@Kevin_Z 

Hi, thanks for answering.

I have the C5400X connected to the wan, and downstream from it i have a MikroTik CRS305-1G-4S+IN 10Gb SFP+ switch to which most of my equipment is connected with fibre cables. I made a quick sketch in paint to better illustrate what it looks like:

This worked fine earlier today when i had my old switch connected, an Asus RT-N66U. Ports are forwarded the same way. I can ping inside the network to the various ip adresses fine, and i can reach the both the Home Assistant, TrueNAS and Nextcloud from outside my LAN with my domain name, but if i try to access my equipment via my domain name from inside the LAN it refuses to connect.

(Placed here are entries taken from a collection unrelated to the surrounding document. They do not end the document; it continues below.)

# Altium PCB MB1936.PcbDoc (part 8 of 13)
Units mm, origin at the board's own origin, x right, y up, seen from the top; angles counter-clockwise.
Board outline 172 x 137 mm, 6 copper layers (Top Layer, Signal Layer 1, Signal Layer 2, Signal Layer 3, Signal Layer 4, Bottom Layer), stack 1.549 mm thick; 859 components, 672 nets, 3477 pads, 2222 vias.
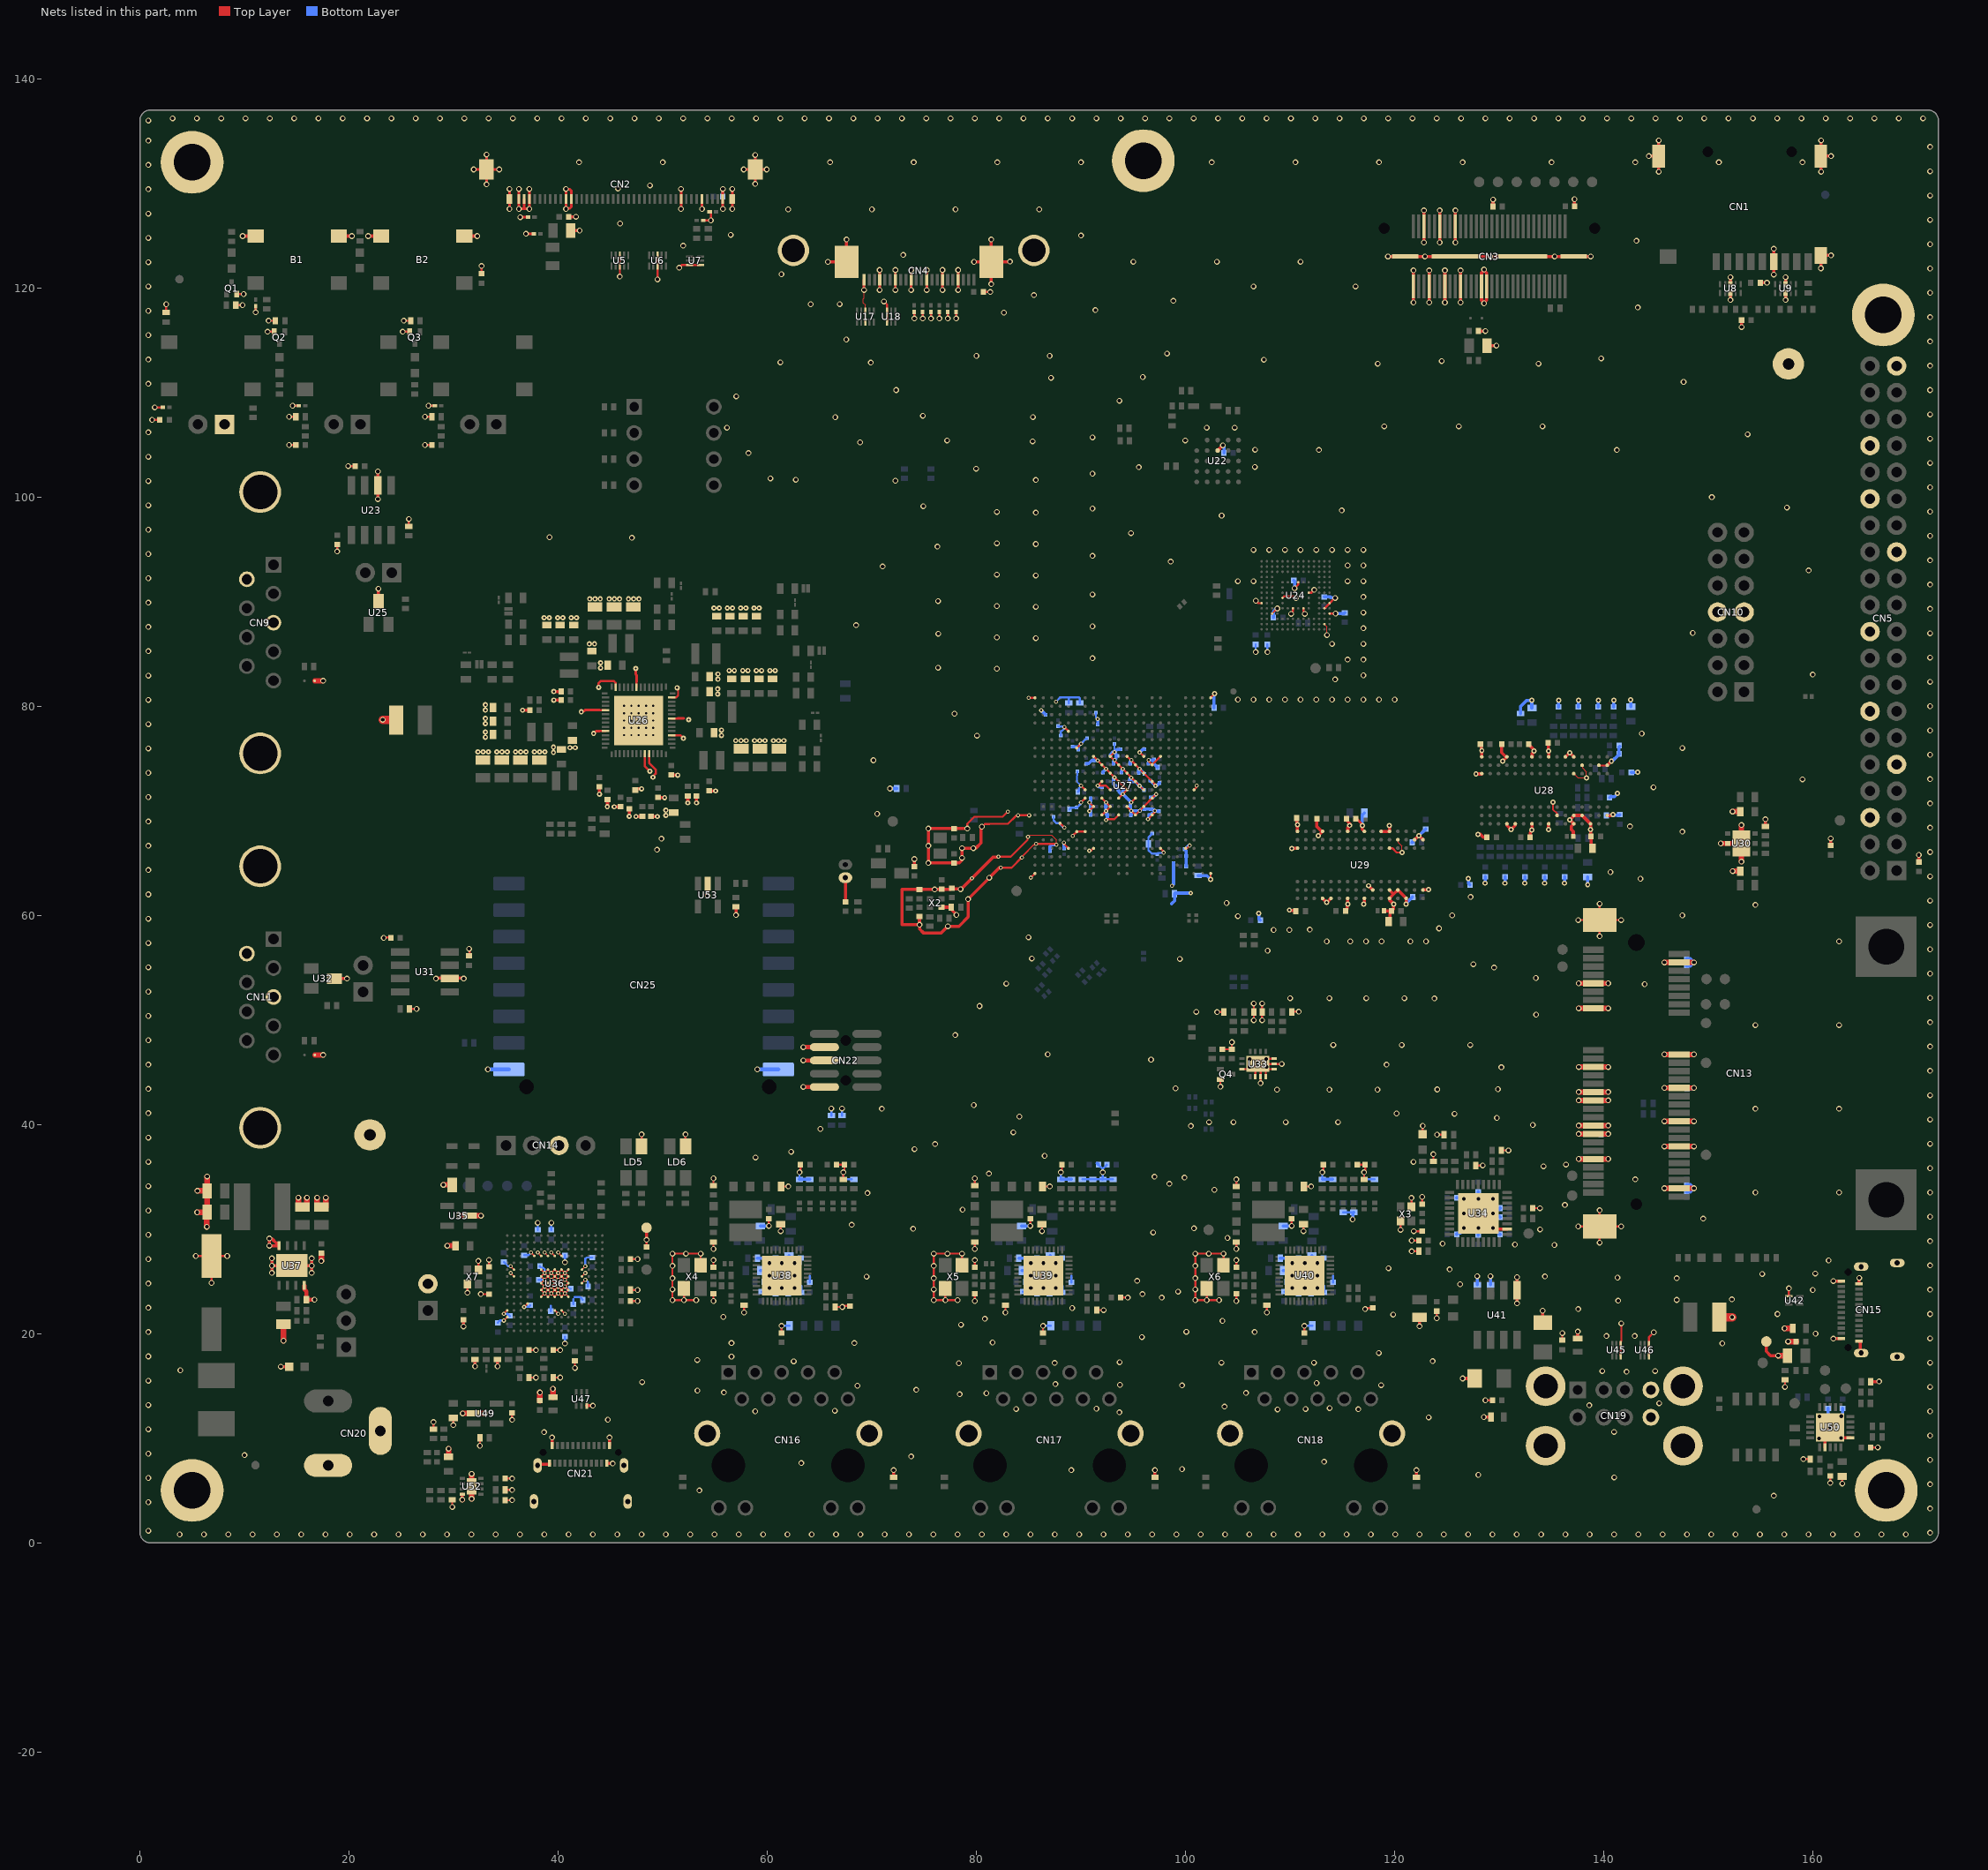
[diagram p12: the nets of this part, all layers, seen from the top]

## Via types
v1: diameter 0.55, hole 0.35, Top Layer to Bottom Layer, 1661 vias
v2: diameter 0.4, hole 0.2, Top Layer to Bottom Layer, tented both sides, 253 vias
v3: diameter 0.5, hole 0.2, Top Layer to Bottom Layer, 157 vias
v4: diameter 0.5, hole 0.25, Top Layer to Bottom Layer, 145 vias
v5: diameter 0.4, hole 0.2, Top Layer to Bottom Layer, 6 vias

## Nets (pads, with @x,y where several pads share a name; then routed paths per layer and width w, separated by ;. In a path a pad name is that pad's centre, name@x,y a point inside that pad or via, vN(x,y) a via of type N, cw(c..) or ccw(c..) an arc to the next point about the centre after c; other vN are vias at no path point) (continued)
GND: B1.3 B1.4 B2.1 B2.2 C1.1 C2.1 C3.1 C4.1 C5.1 C6.1 C7.1 C8.1 C9.1 C10.1 C11.1 C12.1 C13.1 C14.2 C15.1 C16.1 C17.1 C18.1 C21.1 C22.1 C23.1 C24.1 C26.1 C27.1 C28.1 C29.1 C30.1 C32.1 C34.1 C35.1 C36.1 C37.1 C38.1 C39.1 C40.1 C41.1 C42.2 C43.2 C44.1 C45.1 C46.1 C47.1 C48.1 C49.1 C50.1 C51.1 C52.1 C53.1 C54.1 C56.1 C57.1 C58.1 C59.1 C60.1 C61.1 C62.1 C63.2 C64.1 C65.2 C66.1 C67.1 C68.1 C69.2 C70.1 C71.1 C72.2 C73.2 C74.2 C75.2 C76.1 C77.1 C78.1 C79.1 C80.1 C81.2 C82.1 C83.1 C84.1 C85.1 C86.2 C87.1 C88.1 C89.1 C90.1 C91.1 C92.2 C93.1 C94.1 C95.1 C96.1 C99.1 C100.2 C101.1 C102.1 C103.1 C104.1 C105.1 C106.1 C107.1 C108.1 C109.1 C110.1 C111.1 C112.1 C113.2 C114.1 C115.1 C116.1 C117.1 C118.1 C119.1 C120.1 C121.1 C122.1 C123.1 C124.1 C125.1 C126.1 C127.2 C128.1 C129.1 C130.1 C131.1 C132.1 C133.2 C134.1 C135.1 C136.1 C137.1 C138.1 C139.1 C140.1 C141.1 C142.1 C143.1 C144.1 C145.1 C146.1 C147.2 C148.1 C149.1 C150.1 C152.1 C153.1 C154.1 C155.1 C156.1 C157.2 C158.2 C159.1 C160.1 C161.1 C163.1 C164.2 C165.1 C166.1 C168.1 C169.1 C170.1 C171.1 C172.1 C173.1 C174.1 C175.1 C177.1 C178.1 C179.1 C180.1 C181.1 C182.1 C183.1 C184.1 C185.1 C186.1 C187.1 C188.1 C189.1 C190.1 C191.1 C192.1 C193.1 C194.1 C195.1 C196.1 C197.1 C198.1 C199.1 C200.2 C201.1 C202.1 C203.1 C204.2 C205.1 C206.1 C207.1 C208.1 C209.1 C210.1 C211.1 C212.1 C213.1 C214.1 C215.2 C216.1 C217.1 C218.1 C219.2 C220.1 C221.1 C222.1 C223.1 C224.1 C225.1 C226.1 C227.1 C228.1 C229.2 C230.2 C231.1 C232.1 C233.2 C234.1 C235.1 C236.1 C237.1 C238.1 C239.1 C240.1 C241.2 C242.1 C243.1 C244.1 C245.1 C246.1 C247.1 C248.1 C249.1 C250.1 C251.1 C252.1 C253.1 C254.1 C255.1 C256.1 C257.1 C258.1 C259.1 C260.1 C261.1 C262.1 C264.1 C265.2 C266.2 C267.2 C268.2 C269.1 C270.1 C271.1 C272.2 C273.1 C274.2 C275.1 C276.1 C277.1 C278.1 C279.2 C280.2 C281.2 C282.2 C283.1 C284.1 C285.1 C286.1 C287.1 C288.1 C289.2 C290.2 C291.1 C292.1 C293.1 C294.1 C295.1 C296.1 C297.2 C298.2 C299.2 C300.1 C301.1 C302.1 C303.2 C304.1 C305.1 C306.1 C307.1 C308.1 C309.1 C310.2 C311.2 C312.1 C313.1 C314.1 C315.1 C316.1 C317.1 C318.1 C319.1 C320.1 C321.1 C322.1 C323.1 C324.2 C325.2 C326.2 C327.2 C328.2 C329.2 C330.1 C331.1 C332.1 C333.2 C334.2 C335.2 C336.1 CN1.6 CN1.10 CN1.11 CN1.12 CN2.1 CN2.5 CN2.9 CN2.30 CN2.31 CN2.38 CN2.39 CN2.40 CN2.41 CN2.42 CN2.43 CN2.44 CN3.1 CN3.6 CN3.7 CN3.12 CN3.13 CN3.18 CN3.19 CN3.27 CN3.29 CN3.61 CN3.62 CN3.63 CN3.64 CN4.1 CN4.4 CN4.7 CN4.10 CN4.13 CN4.16 CN4.19 CN4.S1 CN4.S2 CN5.6 CN5.9 CN5.14 CN5.20 CN5.25 CN5.30 CN5.34 CN5.39 CN6.1 CN9.3 CN9.6 CN9.MT1 CN9.MT2 CN10.7 CN10.8 CN11.3 CN11.6 CN11.MT1 CN11.MT2 CN12.2 CN13.4 CN13.9 CN13.15 CN13.18 CN13.21 CN13.26 CN13.27 CN13.29 CN13.34 CN13.35 CN13.37 CN13.40 CN13.43 CN13.50 CN13.53 CN13.54 CN14.3 CN15.A1 CN15.A12 CN15.B1 CN15.B12 CN15.SH1 CN15.SH2 CN15.SH3 CN15.SH4 CN16.15 CN16.16 CN17.15 CN17.16 CN18.15 CN18.16 CN19.B4 CN19.CH1 CN19.CH2 CN19.CH3 CN19.CH4 CN19.T4 CN20.2 CN20.3 CN21.A1 CN21.A12 CN21.B1 CN21.B12 CN21.SH1 CN21.SH2 CN21.SH3 CN21.SH4 CN22.3 CN22.5 CN22.9 CN25.8 CN25.9 JP3.2 LD5.3 LD6.3 LD11.2 LD12.2 pad.1 pad.5 pad.7 Q1.2 Q2.2 Q3.2 Q4.2 R8.1 R16.1 R17.1 R24.1 R25.1 R26.2 R34.2 R62.1 R63.1 R72.2 R73.1 R81.2 R82.2 R83.2 R84.1 R85.1 R95.1 R96.2 R98.1 R102.1 R105.1 R113.1 R123.1 R126.2 R127.2 R128.2 R158.1 R159.1 R160.1 R170.1 R194.2 R199.2 R200.2 R201.2 R204.1 R205.2 R206.2 R213.2 R215.2 R220.1 R221.2 R222.2 R226.2 R229.1 R231.2 R234.1 R236.1 R238.1 R239.1 R242.2 R244.1 R250.2 R251.2 R252.1 R262.1 R274.2 R285.1 R287.2 R292.1 R293.1 R294.1 R295.1 R296.1 R297.1 R298.1 R299.1 R300.1 R301.1 R302.1 R303.1 R304.1 R305.1 R306.1 R307.1 R320.1 R321.1 R322.1 R323.1 R324.1 R327.1 SB2.1 SB3.1 TP8.1 TP22.1 TP30.1 TP34.1 U1.2 U2.2 U3.2 U4.2 U5.3 U5.8 U6.3 U6.8 U7.3 U7.4 U8.3 U8.8 U9.3 U9.8 U10.2 U11.2 U12.2 U13.2 U14.2 U15.2 U16.2 U17.3 U17.8 U18.3 U18.4 U19.2 U20.2 U21.2 U22.B3 U23.2 U24.A6 U24.C4 U24.E7 U24.G5 U24.H10 U24.J5 U24.K8 U24.N2 U24.N5 U24.P4 U24.P6 U25.3 U26.9 U26.10 U26.18 U26.22 U26.27 U26.36 U26.41 U26.47 U26.52 U26.57 U27.A1 U27.A22 U27.AB1 U27.AB22 U27.E5 U27.G6 U27.H8 U27.H10 U27.H12 U27.H14 U27.H16 U27.J9 U27.J11 U27.J13 U27.J15 U27.K10 U27.K12 U27.K14 U27.L9 U27.L11 U27.L13 U27.L15 U27.M7 U27.M10 U27.M12 U27.M14 U27.M20 U27.N7 U27.N9 U27.N11 U27.N13 U27.N15 U27.P8 U27.P10 U27.P12 U27.P14 U27.R9 U27.R11 U27.R13 U27.R15 U27.T4 U27.U6 U27.U7 U27.W5 U27.W8 U27.W16 U27.W19 U28.A2 U28.A8 U28.B2 U28.C9 U28.D2 U28.D8 U28.E1 U28.E3 U28.E8 U28.E9 U28.F1 U28.G8 U28.H1 U28.H9 U28.K1 U28.K9 U28.M9 U28.N1 U28.N9 U28.T1 U28.T3 U29.A2 U29.A8 U29.B2 U29.C9 U29.D2 U29.D8 U29.E1 U29.E3 U29.E8 U29.E9 U29.F1 U29.G8 U29.H1 U29.H9 U29.K1 U29.K9 U29.M9 U29.N1 U29.N9 U29.T1 U29.T3 U30.2 U30.EP U31.2 U32.3 U33.2 U33.3 U33.4 U33.5 U33.6 U33.7 U33.14 U33.15 U34.11 U34.37 U35.2 U36.D5 U36.D6 U36.D7 U36.D8 U36.D9 U36.F2 U36.F6 U36.F7 U36.F8 U36.F9 U36.F10 U36.F12 U36.G2 U36.G6 U36.G7 U36.G8 U36.G9 U36.G10 U36.G12 U36.H6 U36.H7 U36.H8 U36.H9 U36.H10 U36.H12 U36.J6 U36.J7 U36.J8 U36.J9 U36.J10 U36.K6 U36.K7 U36.K8 U36.K9 U36.K10 U36.L4 U36.M1 U36.M8 U36.M9 U36.N1 U37.4 U37.8 U37.9 U38.41 U39.41 U40.41 U41.1 U42.4 U43.2 U44.2 U45.3 U45.4 U46.3 U46.4 U47.3 U48.2 U49.2 U50.12 U50.16 U50.21 U51.2 U52.8 U52.9 U53.2 X2.2 X3.2 X3.4 X4.2 X4.4 X5.2 X5.4 X6.2 X6.4 X7.2 X7.4 | length 825.9
  Top Layer w0.09: v2(84.925,67.5) 85.12,67.695 87.155,67.695 87.183,67.667 87.65,67.2 v2(87.65,66.75) ; U24.N2@113.275,87.85 113.525,87.6 v1(113.525,86.8) ; U29.A8@122.728,62.482 v4@123.061,62.482 ; U28.F1@136.307,75.146 U28.F1@136.326,75.127
  Top Layer w0.1: v1(69.25,119.8) 69.25,119.001 69.175,118.926 69.175,118.574 69.375,118.374 U17.3@69.375,117.775 ; v4@110.15,66.435 v4@110.155,66.43 ; v4@110.155,66.402 v4@110.155,66.43 ; v4@110.163,66.422 v4@110.155,66.43 ; U29.D2@120.3,67.225 120.343,67.183 120.343,66.972 120.7,66.615 v4(120.7,66.025) ; v4@127.782,73.538 v4@127.787,73.533 ; v4@127.787,73.505 v4@127.787,73.533 ; v4@127.795,73.525 v4@127.787,73.533 ; U28.E3@137.125,73.525 137.158,73.525 137.533,73.15 138.31,73.15 138.332,73.128 138.332,73.718 137.975,74.075 137.975,74.285 U28.D2@137.932,74.328
  Top Layer w0.15: v2(34.8,21.25) U36.N1@35.125,21.575 ; v2(34.8,21.9) U36.M1@35.125,22.225 ; v2(35.45,25.8) U36.G2@35.775,25.475 ; v2(35.45,26.45) U36.F2@35.775,26.125 ; v2(36.75,22.55) U36.L4@37.075,22.875 ; v2(37.4,27.75) U36.D5@37.725,27.425 ; v2(38.05,27.75) U36.D6@38.375,27.425 ; U36.K6@38.375,23.525 v2(38.7,23.85) ; U36.F6@38.375,26.125 v2(38.7,25.8) ; v2(38.7,27.75) U36.D7@39.025,27.425 ; v2(39.35,27.75) U36.D8@39.675,27.425 ; U36.M8@39.675,22.225 v2(40,21.9) ; v2(40,27.75) U36.D9@40.325,27.425 ; U36.M9@40.325,22.225 v2(40.65,21.9) ; U36.K10@40.975,23.525 v2(40.65,23.85) ; U36.F10@40.975,26.125 v2(40.65,25.8) ; U36.H12@42.275,24.825 v2(42.6,25.15) ; U36.G12@42.275,25.475 v2(42.6,25.8) ; U36.F12@42.275,26.125 v2(42.6,26.45) ; v2(84.345,65.531) 84.345,65.598 84.448,65.702 84.448,65.708 85.465,66.725 85.523,66.725 85.636,66.838 v2(85.703,66.838) ; v4(135.125,70.8) 135.125,70.125 135.525,69.725 U28.G8@135.525,69.55 ; U28.B2@139.525,74.35 139.566,74.31 140.285,74.31 U28.A2@140.325,74.35 ; v2(38.7,23.85) U36.K7@39.025,23.525 v2(39.35,23.85) ; v2(38.7,23.85) U36.J6@38.375,24.175 v2(38.7,24.5) ; v2(38.7,23.85) U36.J7@39.025,24.175 ; v2(38.7,24.5) U36.J7@39.025,24.175 ; v2(38.7,24.5) U36.H6@38.375,24.825 v2(38.7,25.15) ; v2(38.7,24.5) U36.H7@39.025,24.825 ; v2(38.7,25.15) U36.H7@39.025,24.825 ; v2(38.7,25.15) U36.G6@38.375,25.475 v2(38.7,25.8) ; v2(38.7,25.15) U36.G7@39.025,25.475 ; v2(38.7,25.8) U36.G7@39.025,25.475 ; v2(38.7,25.8) U36.F7@39.025,26.125 v2(39.35,25.8) ; U36.J7@39.025,24.175 v2(39.35,23.85) ; U36.J7@39.025,24.175 v2(39.35,24.5) ; U36.H7@39.025,24.825 v2(39.35,24.5) ; U36.H7@39.025,24.825 v2(39.35,25.15) ; U36.G7@39.025,25.475 v2(39.35,25.15) ; U36.G7@39.025,25.475 v2(39.35,25.8) ; v2(39.35,23.85) U36.K8@39.675,23.525 v2(40,23.85) ; v2(39.35,23.85) U36.J8@39.675,24.175 ; v2(39.35,24.5) U36.J8@39.675,24.175 ; v2(39.35,24.5) U36.H8@39.675,24.825 ; v2(39.35,25.15) U36.H8@39.675,24.825 ; v2(39.35,25.15) U36.G8@39.675,25.475 ; v2(39.35,25.8) U36.G8@39.675,25.475 ; v2(39.35,25.8) U36.F8@39.675,26.125 v2(40,25.8) ; U36.J8@39.675,24.175 v2(40,23.85) ; U36.J8@39.675,24.175 v2(40,24.5) ; U36.H8@39.675,24.825 v2(40,24.5) ; U36.H8@39.675,24.825 v2(40,25.15) ; U36.G8@39.675,25.475 v2(40,25.15) ; U36.G8@39.675,25.475 v2(40,25.8) ; v2(40,23.85) U36.K9@40.325,23.525 v2(40.65,23.85) ; v2(40,23.85) U36.J9@40.325,24.175 ; v2(40,24.5) U36.J9@40.325,24.175 ; v2(40,24.5) U36.H9@40.325,24.825 ; v2(40,25.15) U36.H9@40.325,24.825 ; v2(40,25.15) U36.G9@40.325,25.475 ; v2(40,25.8) U36.G9@40.325,25.475 ; v2(40,25.8) U36.F9@40.325,26.125 v2(40.65,25.8) ; U36.J9@40.325,24.175 v2(40.65,23.85) ; U36.J9@40.325,24.175 v2(40.65,24.5) ; U36.H9@40.325,24.825 v2(40.65,24.5) ; U36.H9@40.325,24.825 v2(40.65,25.15) ; U36.G9@40.325,25.475 v2(40.65,25.15) ; U36.G9@40.325,25.475 v2(40.65,25.8) ; v2(40.65,23.85) U36.J10@40.975,24.175 v2(40.65,24.5) ; v2(40.65,24.5) U36.H10@40.975,24.825 v2(40.65,25.15) ; v2(40.65,25.15) U36.G10@40.975,25.475 v2(40.65,25.8)
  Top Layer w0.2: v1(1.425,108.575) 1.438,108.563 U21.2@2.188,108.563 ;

EDIT: I can access my equipment from inside my LAN if i go to the ip adresses directly, but this throws SSL errors (NET::ERR_CERT_COMMON_NAME_INVALID) since i have only set the certificates up for my domain name. I guess it is expected since the common name is wrong when i access the machines that way.

@Kevin_Z 

Im using DuckDNS. I have a client on my computer that updates if it changes.

@Armitage 

Sorry to jump in this late but I have the same kind of problem. Were you able to solve yours and how ?

Thanks in advance

@LoloTheJeeper 

No, after mailing with a customer service representative a few times she passed the issue along to an engineer who told me that was not possible on the C5400X. If you connect several devices to a switch that you then connect to one single port on the C5400X you will not be able to navigate between the devices via hostname via hair-pin NAT.

This is the mail i got from the engineer:

This is Leo from TP-Link Support Team, and I will help you with this case.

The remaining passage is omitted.